Their actions, writing the software, aren't necessarily malicious or risky. To
their mind they're just doing what everyone else is doing and trying to create
the best system.

Then they have an awards ceremony to celebrate the best software. Maybe in
poor taste, but they're not even really considering the real estate market.
Their game is software, and the financiers game is profit.

Like we don't generally think about the lives of people who make our clothes
or computers, because our game is fashion or programming.

It's groupthink that caused the financial crisis (and most other problems),
not necessarily malice.

------
quanticle
The problem isn't with the wealthy. Wealthy and powerful people have been
behaving badly behind closed doors since _at least_ the Roman Empire, and
probably before then as well. The problem is with us. Why don't we hold them
accountable for their misdeeds? Why do we buy into their rhetoric that they
are the job creators? Why do we give equal time to their views that they are
being persecuted like Jews during Kristallnacht, when the events of the last
few years have show that, if anything the opposite is true?

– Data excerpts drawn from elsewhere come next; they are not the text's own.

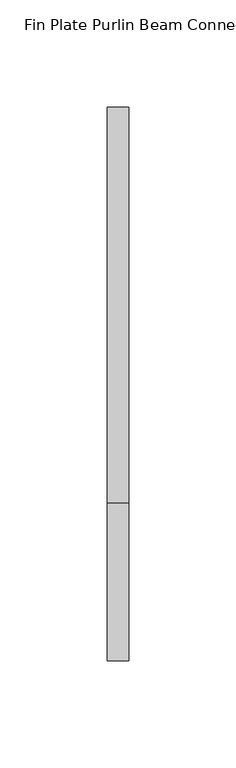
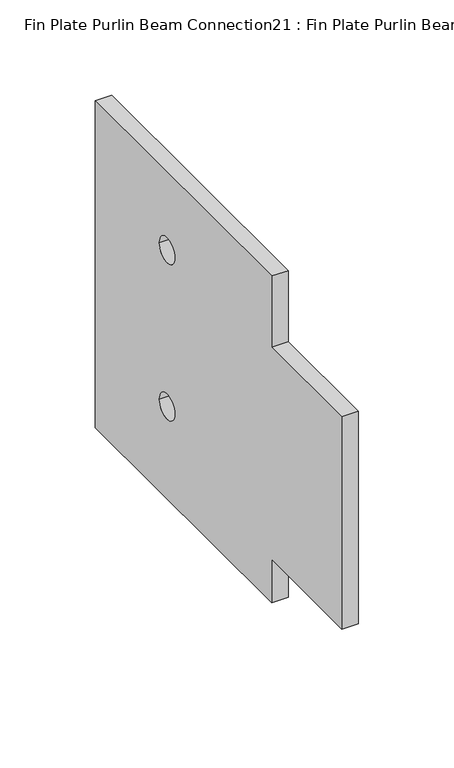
"""IFC4 building model written with IfcOpenShell, lengths in millimetres: proxy geometry, Fin Plate Purlin Beam Connection21 : Fin Plate Purlin Beam Connection."""

import ifcopenshell
import ifcopenshell.guid

model = None  # the IFC model being written
_history = None  # IfcOwnerHistory: only IFC2X3 demands one
_inside = {}  # id of a spatial element -> (the spatial element, [elements in it])
_under = {}  # id of a project, library or spatial element -> (it, [spatial elements below it])
_declared = {}  # id of a project -> (the project, [libraries it declares])
_typed = {}  # id of a type object -> (the type object, [elements of that type])
_made_of = {}  # id of a material, layer set ... -> (it, [elements and type objects made of it])


def new_model(schema):
    """Start an empty IFC model of exactly this schema.

    Asked for "IFC4X3", IfcOpenShell would pick the latest addendum, in which some entities
    have other attributes; the version numbers below select the first issue.
    IFC2X3 requires an IfcOwnerHistory on every rooted entity: one is made here for all.
    """
    global model, _history
    if schema == "IFC4X3":
        model = ifcopenshell.file(schema_version=(4, 3, 0, 0))
    else:
        model = ifcopenshell.file(schema=schema)
    _inside.clear()
    _under.clear()
    _declared.clear()
    _typed.clear()
    _made_of.clear()
    _history = None
    if model.schema == "IFC2X3":
        org = make("IfcOrganization", Name="unknown")
        user = make(
            "IfcPersonAndOrganization",
            ThePerson=make("IfcPerson", FamilyName="unknown"),
            TheOrganization=org,
        )
        app = make(
            "IfcApplication",
            ApplicationDeveloper=org,
            Version="unknown",
            ApplicationFullName="unknown",
            ApplicationIdentifier="unknown",
        )
        _history = make(
            "IfcOwnerHistory",
            OwningUser=user,
            OwningApplication=app,
            ChangeAction="ADDED",
            CreationDate=0,
        )
    return model


def make(cls, **values):
    """One entity of the class cls with the attributes given. An attribute that is None is left unset."""
    return model.create_entity(
        cls, **{name: value for name, value in values.items() if value is not None}
    )


def rooted(cls, **values):
    """An entity with a GlobalId (a new one), such as an element, a storey or a relation."""
    return make(cls, GlobalId=ifcopenshell.guid.new(), OwnerHistory=_history, **values)


def si_unit(unit_type, name, prefix=None):
    """IfcSIUnit, for example si_unit("LENGTHUNIT", "METRE", prefix="MILLI")."""
    return make("IfcSIUnit", UnitType=unit_type, Prefix=prefix, Name=name)


def assignment(units):
    """IfcUnitAssignment: the units of a project."""
    return None if units is None else make("IfcUnitAssignment", Units=units)


def point(xyz):
    """IfcCartesianPoint."""
    return None if xyz is None else make("IfcCartesianPoint", Coordinates=xyz)


def direction(xyz):
    """IfcDirection."""
    return None if xyz is None else make("IfcDirection", DirectionRatios=xyz)


def frame(location, z_axis=None, x_axis=None):
    """IfcAxis2Placement3D, a coordinate frame: its origin and axes. An axis left out is left unset."""
    return make(
        "IfcAxis2Placement3D",
        Location=point(location),
        Axis=direction(z_axis),
        RefDirection=direction(x_axis),
    )


def frame_2d(location, x_axis=None):
    """IfcAxis2Placement2D, a coordinate frame in the plane: its origin and x axis."""
    return make(
        "IfcAxis2Placement2D", Location=point(location), RefDirection=direction(x_axis)
    )


def origin():
    """The frame at (0, 0, 0) with its axes left unset."""
    return frame((0.0, 0.0, 0.0))


def place(relative_to, where):
    """IfcLocalPlacement: puts the frame where relative to a parent placement (None: the world)."""
    return make(
        "IfcLocalPlacement", PlacementRelTo=relative_to, RelativePlacement=where
    )


def context(
    kind, dimensions, precision=None, world=None, true_north=None, identifier=None
):
    """IfcGeometricRepresentationContext, for example the 3D "Model" context."""
    return make(
        "IfcGeometricRepresentationContext",
        ContextIdentifier=identifier,
        ContextType=kind,
        CoordinateSpaceDimension=dimensions,
        Precision=precision,
        WorldCoordinateSystem=world,
        TrueNorth=true_north,
    )


def project(units=None, contexts=None):
    """IfcProject with its units and contexts."""
    return rooted(
        "IfcProject",
        Name="project",
        RepresentationContexts=contexts,
        UnitsInContext=assignment(units),
    )


def spatial(cls, under=None, at=None, **own):
    """A site, building, storey or space (cls), placed at a placement, below another one or the project."""
    s = rooted(cls, ObjectPlacement=at, **own)
    if under is not None:
        _under.setdefault(under.id(), (under, []))[1].append(s)
    return s


def polyline(points):
    """IfcPolyline through the points."""
    return make("IfcPolyline", Points=[point(p) for p in points])


def circle_curve(where, radius):
    """IfcCircle in the frame where."""
    return make("IfcCircle", Position=where, Radius=radius)


def trimmed(basis, trim1, trim2, sense, master):
    """IfcTrimmedCurve: the piece of a basis curve between two trims."""
    return make(
        "IfcTrimmedCurve",
        BasisCurve=basis,
        Trim1=trim1,
        Trim2=trim2,
        SenseAgreement=sense,
        MasterRepresentation=master,
    )


def segment(curve, same_sense, transition):
    """IfcCompositeCurveSegment."""
    return make(
        "IfcCompositeCurveSegment",
        Transition=transition,
        SameSense=same_sense,
        ParentCurve=curve,
    )


def composite_curve(segments, self_intersect=None):
    """IfcCompositeCurve: segments joined end to end."""
    return make("IfcCompositeCurve", Segments=segments, SelfIntersect=self_intersect)


def outline(outer, holes=None, kind="AREA"):
    """IfcArbitraryClosedProfileDef: a profile drawn as a closed curve; with holes, ...WithVoids."""
    if holes is None:
        return make("IfcArbitraryClosedProfileDef", ProfileType=kind, OuterCurve=outer)
    return make(
        "IfcArbitraryProfileDefWithVoids",
        ProfileType=kind,
        OuterCurve=outer,
        InnerCurves=holes,
    )


def extrude(swept, where, along, depth):
    """IfcExtrudedAreaSolid: the profile swept, set in the frame where, extruded along a direction by depth."""
    return make(
        "IfcExtrudedAreaSolid",
        SweptArea=swept,
        Position=where,
        ExtrudedDirection=direction(along),
        Depth=depth,
    )


def shape(context_of_items, identifier, shape_type, items):
    """IfcShapeRepresentation: the items that make up one representation, for example the "Body"."""
    return make(
        "IfcShapeRepresentation",
        ContextOfItems=context_of_items,
        RepresentationIdentifier=identifier,
        RepresentationType=shape_type,
        Items=items,
    )


def source(mapping_origin, context_of_items, identifier, shape_type, items):
    """IfcRepresentationMap: a shape defined once, which mapped items show again and again."""
    return make(
        "IfcRepresentationMap",
        MappingOrigin=mapping_origin,
        MappedRepresentation=shape(context_of_items, identifier, shape_type, items),
    )


def transform(
    local_origin,
    x_axis=None,
    y_axis=None,
    z_axis=None,
    scale=None,
    scale2=None,
    scale3=None,
    uniform=True,
):
    """IfcCartesianTransformationOperator3D, or its non-uniform kind. x_axis, y_axis, z_axis: its Axis1, 2, 3."""
    if uniform:
        return make(
            "IfcCartesianTransformationOperator3D",
            Axis1=direction(x_axis),
            Axis2=direction(y_axis),
            LocalOrigin=point(local_origin),
            Scale=scale,
            Axis3=direction(z_axis),
        )
    return make(
        "IfcCartesianTransformationOperator3DnonUniform",
        Axis1=direction(x_axis),
        Axis2=direction(y_axis),
        LocalOrigin=point(local_origin),
        Scale=scale,
        Axis3=direction(z_axis),
        Scale2=scale2,
        Scale3=scale3,
    )


def mapped(mapping_source, mapping_target):
    """IfcMappedItem: shows the shape of a source again, moved by a transform."""
    return make(
        "IfcMappedItem", MappingSource=mapping_source, MappingTarget=mapping_target
    )


def made_of(thing, what):
    """Note that an element or type object is made of a material, layer set ...; save() writes the relation."""
    if what is not None:
        _made_of.setdefault(what.id(), (what, []))[1].append(thing)
    return thing


def element(
    cls,
    number,
    at=None,
    inside=None,
    cuts=None,
    type_object=None,
    material=None,
    context=None,
    identifier="Body",
    shape_type=None,
    held_by="IfcProductDefinitionShape",
    body=None,
    shapes=None,
    **own,
):
    """One element of the class cls, such as IfcWall. Its Tag is "e" and its number.

    at: its placement. inside: the storey or other place that contains it. cuts: it is an
    opening in that element (IfcRelVoidsElement). A single representation is given by context,
    identifier, shape_type and body (its items); several are given by shapes. held_by: the class
    of the entity that holds the representations. save() writes the other relations.
    """
    e = rooted(cls, Tag="e%d" % number, ObjectPlacement=at, **own)
    if body is not None:
        shapes = [shape(context, identifier, shape_type, body)]
    if shapes is not None:
        e.Representation = make(held_by, Representations=shapes)
    if inside is not None:
        _inside.setdefault(inside.id(), (inside, []))[1].append(e)
    if cuts is not None:
        rooted(
            "IfcRelVoidsElement", RelatingBuildingElement=cuts, RelatedOpeningElement=e
        )
    if type_object is not None:
        _typed.setdefault(type_object.id(), (type_object, []))[1].append(e)
    return made_of(e, material)


def aggregate(whole, parts):
    """IfcRelAggregates: a whole, such as a stair, and the parts it consists of."""
    return rooted("IfcRelAggregates", RelatingObject=whole, RelatedObjects=parts)


def save(model, path):
    """Write the relations noted so far, then the file.

    IfcRelAggregates (storeys below a building ...), IfcRelContainedInSpatialStructure (elements
    in a storey), IfcRelDefinesByType, IfcRelAssociatesMaterial and IfcRelDeclares: one each for
    every whole, place, type object, material and project.
    """
    for whole, parts in _under.values():
        aggregate(whole, parts)
    for where, things in _inside.values():
        rooted(
            "IfcRelContainedInSpatialStructure",
            RelatedElements=things,
            RelatingStructure=where,
        )
    for kind, things in _typed.values():
        rooted("IfcRelDefinesByType", RelatedObjects=things, RelatingType=kind)
    for what, things in _made_of.values():
        rooted("IfcRelAssociatesMaterial", RelatedObjects=things, RelatingMaterial=what)
    for by, libraries in _declared.values():
        rooted("IfcRelDeclares", RelatingContext=by, RelatedDefinitions=libraries)
    model.write(path)


def fin_plate_purlin_beam_connection21_fin_plate_purlin_beam_aa315e5e(model_context):
    return source(origin(), model_context, "Body", "SweptSolid", [
        extrude(outline(polyline([(15858.023117, 2454.7182916), (15858.023117, 2590.5), (15931.623117, 2590.5), (15931.623117, 2635.9566779), (16116.223117, 2635.9566779), (16116.223117, 2427.0006295), (15931.623117, 2427.0006295), (15931.623117, 2454.7182916), (15858.023117, 2454.7182916)]), holes=[composite_curve([segment(trimmed(circle_curve(frame_2d((16041.223117, 2585.9566779)), 8.0), [point((16033.223117, 2585.9566779))], [point((16049.223117, 2585.9566779))], True, "CARTESIAN"), True, "CONTINUOUS"), segment(trimmed(circle_curve(frame_2d((16041.223117, 2585.9566779)), 8.0), [point((16049.223117, 2585.9566779))], [point((16033.223117, 2585.9566779))], True, "CARTESIAN"), True, "CONTINUOUS")], self_intersect=False), composite_curve([segment(trimmed(circle_curve(frame_2d((16041.223117, 2485.9566779)), 8.0), [point((16033.223117, 2485.9566779))], [point((16049.223117, 2485.9566779))], True, "CARTESIAN"), True, "CONTINUOUS"), segment(trimmed(circle_curve(frame_2d((16041.223117, 2485.9566779)), 8.0), [point((16049.223117, 2485.9566779))], [point((16033.223117, 2485.9566779))], True, "CARTESIAN"), True, "CONTINUOUS")], self_intersect=False)]), frame((-29526.0036256, 0.0, 0.0), z_axis=(1.0, 0.0, 0.0), x_axis=(0.0, 1.0, 0.0)), (0.0, 0.0, 1.0), 10.0),
    ])


if __name__ == "__main__":
    model = new_model("IFC4")
    model_context = context("Model", 3, world=origin())
    ifc_project = project(units=[si_unit("LENGTHUNIT", "METRE", prefix="MILLI")], contexts=[model_context])
    site = spatial("IfcSite", under=ifc_project)
    building = spatial("IfcBuilding", under=site)
    placement = place(None, origin())
    fin_plate_purlin_beam_connection21_fin_plate_purlin_beam_shape = fin_plate_purlin_beam_connection21_fin_plate_purlin_beam_aa315e5e(model_context)
    element("IfcBuildingElementProxy", 1, Name="Fin Plate Purlin Beam Connection21 : Fin Plate Purlin Beam Connection", ObjectType="Fin Plate Purlin Beam Connection21 : Fin Plate Purlin Beam Connection", at=placement, inside=building, context=model_context, shape_type="MappedRepresentation", body=[
        mapped(fin_plate_purlin_beam_connection21_fin_plate_purlin_beam_shape, transform((0.0, 0.0, 0.0), x_axis=(1.0, 0.0, 0.0), y_axis=(0.0, 1.0, 0.0), z_axis=(0.0, 0.0, 1.0))),
    ])
    save(model, "model.ifc")

I think articles like this, honestly, are a disservice. They're comfortable.
They're easy. They put the blame on the wealthy -- "Oh look, those
billionaires and plutocrats are at it again!" \-- without asking the real
question: what systemic changes can we work towards today to ensure that
people like Vikram Pandit, Dick Fuld and Jimmy Cayne can't wreak the same kind
of havoc that they did in 2007? What can we do to ensure that people
appreciate the impact that obscure financial regulations have on their
everyday lives?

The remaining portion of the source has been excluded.